----- Exercise input -----

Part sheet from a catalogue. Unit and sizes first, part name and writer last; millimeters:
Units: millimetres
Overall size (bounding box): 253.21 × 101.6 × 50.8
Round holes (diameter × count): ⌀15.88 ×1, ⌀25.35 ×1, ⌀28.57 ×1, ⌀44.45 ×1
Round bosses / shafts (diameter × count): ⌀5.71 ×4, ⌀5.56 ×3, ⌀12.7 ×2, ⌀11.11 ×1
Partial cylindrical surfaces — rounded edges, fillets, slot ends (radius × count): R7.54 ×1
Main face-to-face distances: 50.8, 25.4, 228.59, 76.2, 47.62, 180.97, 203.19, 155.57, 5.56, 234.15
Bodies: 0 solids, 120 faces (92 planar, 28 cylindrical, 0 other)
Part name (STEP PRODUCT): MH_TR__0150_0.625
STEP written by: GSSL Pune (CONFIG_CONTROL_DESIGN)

-----
----- Exercise input -----

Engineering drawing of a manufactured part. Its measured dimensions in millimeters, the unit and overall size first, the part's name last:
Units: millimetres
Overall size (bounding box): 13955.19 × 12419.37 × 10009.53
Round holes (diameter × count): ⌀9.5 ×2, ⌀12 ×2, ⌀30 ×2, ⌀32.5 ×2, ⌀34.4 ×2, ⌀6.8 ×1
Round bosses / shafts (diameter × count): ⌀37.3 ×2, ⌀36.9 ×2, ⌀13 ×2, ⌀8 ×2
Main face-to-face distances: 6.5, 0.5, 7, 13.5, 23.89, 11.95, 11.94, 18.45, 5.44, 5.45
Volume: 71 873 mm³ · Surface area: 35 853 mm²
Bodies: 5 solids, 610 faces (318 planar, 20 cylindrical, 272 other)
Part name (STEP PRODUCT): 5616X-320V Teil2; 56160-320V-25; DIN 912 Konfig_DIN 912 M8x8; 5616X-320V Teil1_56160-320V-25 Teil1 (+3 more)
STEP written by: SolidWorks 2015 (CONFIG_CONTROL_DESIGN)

-----

Whenever a line includes the word "Main", pull it out of the entries.

Answer for this exercise:
Main face-to-face distances: 50.8, 25.4, 228.59, 76.2, 47.62, 180.97, 203.19, 155.57, 5.56, 234.15
Main face-to-face distances: 6.5, 0.5, 7, 13.5, 23.89, 11.95, 11.94, 18.45, 5.44, 5.45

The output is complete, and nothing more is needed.